Cool article on Weird Al.  I had no idea his albums are hitting the top 20?


----------



## phlaw (Mar 20, 2007)

Great article.  I have been a fan for a long time, and have seen him in concert once.  I think I have every CD, even his box set from the 90's titled "Al in a Box".


----------



## Touch Of Death (Mar 20, 2007)

Carol Kaur said:


> Cool article on Weird Al. I had no idea his albums are hitting the top 20?

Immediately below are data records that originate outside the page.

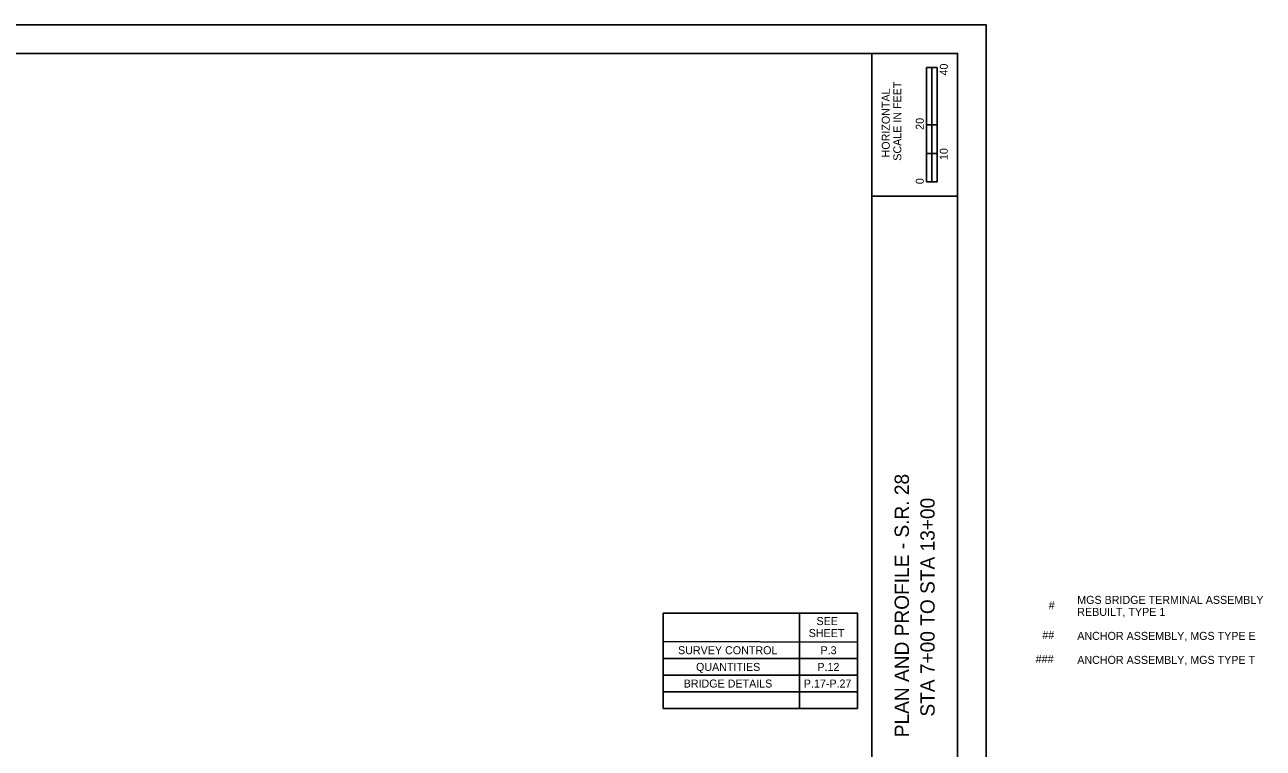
# Model space of a CAD drawing. Extents: x -4.5 to 38.8, y 0 to 22.
# Drawn here: x 17.19 to 38.85, y 9.34 to 22 of the extents above; entities that cross this region are included whole.
import ezdxf

# ---------------------------------------------------------------- set-up
doc = ezdxf.new("R2010")
doc.units = 0
for name, color, linetype in [('SH_Border', 7, 'Continuous'), ('SH_Cut_Line', 7, 'Continuous'), ('SH_Data', 7, 'Continuous'), ('SH_Text', 7, 'Continuous'), ('TX_P_20', 7, 'Continuous')]:
    doc.layers.add(name, color=color, linetype=linetype)

msp = doc.modelspace()

# ---------------------------------------------------------------- linework, layer by layer
at = {"layer": 'SH_Border'}
for p, q in [((32, 0.5), (32, 21.5)), ((32, 19), (33.5, 19))]:
    msp.add_line(p, q, dxfattribs=at)
msp.add_lwpolyline([(1.5, 21.5), (33.5, 21.5), (33.5, 0.5), (1.5, 0.5)], close=True, dxfattribs=at)
at = {"layer": 'SH_Cut_Line'}
msp.add_lwpolyline([(0, 0), (34, 0), (34, 22), (0, 22)], close=True, dxfattribs=at)
at = {"layer": 'SH_Data'}
for p, q in [((32.957, 19.25), (32.957, 21.25)), ((33.144, 21.25), (32.957, 21.25)), ((32.957, 20.25), (32.957, 21.25)), ((32.957, 21.25), (33.05, 21.25)), ((33.05, 21.25), (33.051, 21.25)), ((33.051, 21.25), (33.051, 20.25)), ((33.144, 21.25), (33.144, 19.25)), ((33.051, 20.25), (32.957, 20.25)), ((33.143, 20.25), (33.05, 20.25)), ((33.05, 20.25), (33.05, 19.75)), ((33.143, 19.75), (33.143, 20.25)), ((33.05, 19.75), (32.957, 19.75)), ((32.957, 19.75), (32.957, 19.25)), ((33.05, 19.25), (33.05, 19.75)), ((33.05, 19.75), (33.143, 19.75)), ((33.144, 19.25), (32.957, 19.25)), ((32.957, 19.25), (33.05, 19.25))]:
    msp.add_line(p, q, dxfattribs=at)
at = {"layer": 'TX_P_20'}
for p, q in [((30.736, 11.705), (30.736, 10.04)), ((28.352, 11.207), (31.753, 11.2)), ((28.352, 10.915), (31.753, 10.915)), ((28.352, 10.623), (31.753, 10.623)), ((28.352, 10.332), (31.753, 10.332)), ((28.352, 10.04), (31.753, 10.04))]:
    msp.add_line(p, q, dxfattribs=at)
msp.add_lwpolyline([(28.352, 11.705), (31.753, 11.705), (31.753, 10.04), (28.352, 10.04)], close=True, dxfattribs=at)

# ---------------------------------------------------------------- texts
at = {"layer": 'SH_Data'}
for s, height, p in [('40', 0.14, (33.33, 21.112)), ('HORIZONTAL', 0.14, (32.315, 19.679)), ('SCALE IN FEET', 0.14, (32.517, 19.621)), ('20', 0.14, (32.91, 20.162)), ('10', 0.14, (33.33, 19.633)), ('0', 0.14, (32.91, 19.211)), ('PLAN AND PROFILE - S.R. 28', 0.25, (32.65, 9.535)), ('STA 7+00 TO STA 13+00', 0.25, (33.1, 9.896))]:
    msp.add_text(s, height=height, rotation=90, dxfattribs=at).set_placement(p)
at = {"layer": 'SH_Text'}
for s, p in [('MGS BRIDGE TERMINAL ASSEMBLY', (35.594, 11.868)), ('#', (35.094, 11.772)), ('REBUILT, TYPE 1', (35.594, 11.658)), ('##', (34.982, 11.255)), ('ANCHOR ASSEMBLY, MGS TYPE E', (35.594, 11.238)), ('###', (34.868, 10.835)), ('ANCHOR ASSEMBLY, MGS TYPE T', (35.594, 10.818))]:
    msp.add_text(s, height=0.14, rotation=360, dxfattribs=at).set_placement(p)
at = {"layer": 'TX_P_20'}
for s, p in [('SEE ', (31.034, 11.497)), ('SHEET', (30.898, 11.287)), ('SURVEY CONTROL', (28.613, 10.987)), ('P.3', (31.104, 10.987)), ('QUANTITIES', (28.927, 10.695)), ('P.12', (31.049, 10.695)), ('BRIDGE DETAILS', (28.711, 10.404)), ('P.17-P.27', (30.812, 10.404))]:
    msp.add_text(s, height=0.14, dxfattribs=at).set_placement(p)

doc.saveas('drawing.dxf')

He was always ,in the end, more popular than the artists he has covered... Even Sir. Micheal.


----------



## arnisador (Mar 20, 2007)

We've seen him play live several times!


----------



## ArmorOfGod (Mar 20, 2007)

Oddly enough, he is one of the most talented performers out there.  His parents died a few years ago from carbon-monoxide poisoning in their home and I read a great quote from his dad saying how proud he was of his son.
Look at Wierd Al's career: he makes people laugh with clean humor.  Also, he gets permission from his "targets" before he lampoons them (or, he always tries).  
He is as cool as it gets.
Has anyone here seen his movie "UHF"?

AoG


----------



## LuzRD (Mar 20, 2007)

i always think of the movie "uhf" when i see weird al, or if someone talks about him. sheesh its been years since i saw that


----------



## Mariachi Joe (Mar 20, 2007)

I love uhf, that was good comedy, my favorite part was Conan the Librarian and Gandhi II:rofl:


----------



## Cryozombie (Mar 21, 2007)

I have the UHF dvd as well as his Music Video DVD.​


----------



## terryl965 (Mar 21, 2007)

Well the people have spoken and wierd Al is running for president go Al


----------



## phlaw (Mar 21, 2007)

UHF is a classic, I loved Stanleys Spadowski's playhouse and the kid drinking from the fire hose.

Still makes me laugh...


----------